Ex-Mauritania leader guilty of coup

Former Mauritanian president Muhammad Khuna Wald Hidala was convicted on Sunday of plotting a coup but escaped prison when he was handed a five-year suspended jail sentence and fined.

Wald Hidala insisted on his innocence in final appeal

Wald Hidala, who had denied plotting to overthrow President Muawiya Wald Sidi Ahmad Taya while standing in an election against him last month, was ordered to pay $1550.
 
Of the 14 other people on trial, eight others were handed suspended prison terms of two to five years, including Wald Hidala’s son Sidi Muhammad. Six people were acquitted and freed.

In a final plea proclaiming his innocence before sentencing, Wald Hidala warned of a civil war in the country.

Mauritania “is in a serious state that could degenerate into civil war if nothing is done to find a solution,” said Wald Hidala, adding that “this is meant as advice and not a threat”.

Wald Hidallah, a former army colonel who finished a distant second to President Wald Taya in a presidential election last month, was arrested on the eve of the 7 November election.

He was then released, only to be re-arrested immediately after the ballot.

Wald Hidala took nearly 19% of the vote to 66% for Wald Taya, returning the incumbent to power for a third six-year term amid opposition charges of massive fraud.

Advice to president

Wald Hidala, and his then comrade in arms – Wald Taya – were part of a junta that overthrew Mauritania’s first president, Muktar Wald Daddah, in 1978.

“Mauritania is in a serious state that could degenerate into civil war if nothing is done to find a solution”

Muhammad Khuna Wald Hidala,
ex-Mauritania president

The retired lieutenant colonel became head of state in 1980, only to be overthrown in a palace coup four years later by Wald Taya.

After spending four years in jail, Wald Hidala remained out of the limelight, but he told AFP during the election campaign that he felt compelled to run for president because the country was threatened by instability in the wake of a violent coup attempt in June.
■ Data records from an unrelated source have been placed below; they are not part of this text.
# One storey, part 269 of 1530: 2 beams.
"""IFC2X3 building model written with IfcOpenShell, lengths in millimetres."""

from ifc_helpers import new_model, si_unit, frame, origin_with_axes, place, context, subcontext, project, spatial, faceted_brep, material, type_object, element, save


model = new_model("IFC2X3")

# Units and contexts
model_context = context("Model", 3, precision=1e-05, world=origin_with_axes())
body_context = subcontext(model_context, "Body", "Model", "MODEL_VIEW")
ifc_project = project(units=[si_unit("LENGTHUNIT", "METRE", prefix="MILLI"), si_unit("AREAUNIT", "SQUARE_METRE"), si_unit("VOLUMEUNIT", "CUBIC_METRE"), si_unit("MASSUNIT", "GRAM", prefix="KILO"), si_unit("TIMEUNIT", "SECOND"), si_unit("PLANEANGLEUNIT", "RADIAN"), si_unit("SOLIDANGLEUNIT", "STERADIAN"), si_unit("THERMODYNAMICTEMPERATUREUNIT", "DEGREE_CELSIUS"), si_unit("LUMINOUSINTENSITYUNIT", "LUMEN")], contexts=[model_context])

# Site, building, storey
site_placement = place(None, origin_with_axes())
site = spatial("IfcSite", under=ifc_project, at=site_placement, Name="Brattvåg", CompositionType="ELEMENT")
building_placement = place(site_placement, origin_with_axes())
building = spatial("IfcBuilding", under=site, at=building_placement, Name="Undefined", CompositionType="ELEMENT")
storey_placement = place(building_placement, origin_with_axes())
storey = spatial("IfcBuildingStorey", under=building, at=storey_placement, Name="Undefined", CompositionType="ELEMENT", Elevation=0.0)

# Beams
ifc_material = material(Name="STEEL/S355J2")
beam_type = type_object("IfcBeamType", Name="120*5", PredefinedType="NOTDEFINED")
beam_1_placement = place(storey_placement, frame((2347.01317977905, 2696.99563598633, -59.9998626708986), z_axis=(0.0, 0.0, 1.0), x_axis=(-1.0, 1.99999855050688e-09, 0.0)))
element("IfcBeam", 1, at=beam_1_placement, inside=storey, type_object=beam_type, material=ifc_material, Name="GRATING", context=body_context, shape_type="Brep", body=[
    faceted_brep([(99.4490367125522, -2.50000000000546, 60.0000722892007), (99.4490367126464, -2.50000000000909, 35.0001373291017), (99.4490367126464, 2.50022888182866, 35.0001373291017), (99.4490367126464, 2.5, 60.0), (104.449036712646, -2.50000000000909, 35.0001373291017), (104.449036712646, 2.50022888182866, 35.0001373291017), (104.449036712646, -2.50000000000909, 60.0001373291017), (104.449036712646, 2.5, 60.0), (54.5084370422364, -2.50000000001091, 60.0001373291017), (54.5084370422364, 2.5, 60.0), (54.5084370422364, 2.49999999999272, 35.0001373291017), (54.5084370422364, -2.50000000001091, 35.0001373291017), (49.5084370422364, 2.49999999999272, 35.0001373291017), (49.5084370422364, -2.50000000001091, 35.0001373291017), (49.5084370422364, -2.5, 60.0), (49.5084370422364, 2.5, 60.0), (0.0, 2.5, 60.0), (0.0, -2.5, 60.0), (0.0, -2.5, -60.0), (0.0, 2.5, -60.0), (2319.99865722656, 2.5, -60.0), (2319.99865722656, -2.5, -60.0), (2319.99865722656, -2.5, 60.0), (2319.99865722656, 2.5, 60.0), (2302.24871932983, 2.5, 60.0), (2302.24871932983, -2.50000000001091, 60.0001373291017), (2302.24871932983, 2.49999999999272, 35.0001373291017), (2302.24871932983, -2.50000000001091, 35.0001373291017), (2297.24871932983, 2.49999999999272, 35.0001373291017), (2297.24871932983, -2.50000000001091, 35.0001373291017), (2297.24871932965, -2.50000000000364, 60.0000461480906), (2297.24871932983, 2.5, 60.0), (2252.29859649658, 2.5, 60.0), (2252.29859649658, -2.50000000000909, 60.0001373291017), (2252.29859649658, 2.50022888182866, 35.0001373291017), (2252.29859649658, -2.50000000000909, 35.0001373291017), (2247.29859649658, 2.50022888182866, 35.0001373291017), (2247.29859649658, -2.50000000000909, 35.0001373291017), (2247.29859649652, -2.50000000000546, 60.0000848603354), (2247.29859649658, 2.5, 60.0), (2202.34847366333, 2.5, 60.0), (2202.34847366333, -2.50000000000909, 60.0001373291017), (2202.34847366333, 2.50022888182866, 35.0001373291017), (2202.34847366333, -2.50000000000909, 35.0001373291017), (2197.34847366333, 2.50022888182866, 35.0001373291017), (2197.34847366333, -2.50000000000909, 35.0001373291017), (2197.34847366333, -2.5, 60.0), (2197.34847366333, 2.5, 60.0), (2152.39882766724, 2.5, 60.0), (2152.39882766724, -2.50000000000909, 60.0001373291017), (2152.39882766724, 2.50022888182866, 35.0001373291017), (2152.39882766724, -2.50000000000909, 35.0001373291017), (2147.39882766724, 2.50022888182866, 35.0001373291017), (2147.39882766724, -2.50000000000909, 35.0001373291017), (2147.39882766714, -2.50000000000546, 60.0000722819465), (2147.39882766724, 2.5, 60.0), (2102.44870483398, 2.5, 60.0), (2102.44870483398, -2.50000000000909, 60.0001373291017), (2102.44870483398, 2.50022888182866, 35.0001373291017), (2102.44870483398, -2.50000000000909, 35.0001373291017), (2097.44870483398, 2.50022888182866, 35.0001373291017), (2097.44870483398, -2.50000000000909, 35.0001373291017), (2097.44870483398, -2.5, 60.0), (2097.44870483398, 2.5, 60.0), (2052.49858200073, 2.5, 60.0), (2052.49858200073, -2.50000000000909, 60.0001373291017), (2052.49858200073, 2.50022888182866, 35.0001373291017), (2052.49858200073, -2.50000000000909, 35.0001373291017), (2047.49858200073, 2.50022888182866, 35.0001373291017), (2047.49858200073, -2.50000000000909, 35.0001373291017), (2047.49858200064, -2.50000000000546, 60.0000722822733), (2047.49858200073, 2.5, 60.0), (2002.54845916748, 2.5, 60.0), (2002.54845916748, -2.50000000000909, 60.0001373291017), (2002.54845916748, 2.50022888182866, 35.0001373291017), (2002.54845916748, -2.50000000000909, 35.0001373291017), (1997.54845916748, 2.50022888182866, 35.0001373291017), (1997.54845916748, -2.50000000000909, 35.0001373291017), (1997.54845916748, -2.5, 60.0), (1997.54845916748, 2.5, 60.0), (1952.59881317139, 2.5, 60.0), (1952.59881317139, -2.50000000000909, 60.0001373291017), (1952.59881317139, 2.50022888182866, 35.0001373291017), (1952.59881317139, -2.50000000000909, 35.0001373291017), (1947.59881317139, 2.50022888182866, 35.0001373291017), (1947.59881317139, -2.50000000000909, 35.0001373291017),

The attempt to oust Wald Taya in June took 36 hours of fighting in the capital Nouakchott to put down. Fifteen people were killed and 68 injured, according to official figures.

During the campaign, Wald Hidala and other opposition politicians attacked the government over persistent social inequalities, the concentration of power and wealth in the hands of a small elite, alleged human rights abuses, cronyism and corruption.

Mauritania, only the third Arab country to establish full diplomatic relations with Israel, is a poor mostly desert nation which hopes to get rich from offshore oil finds.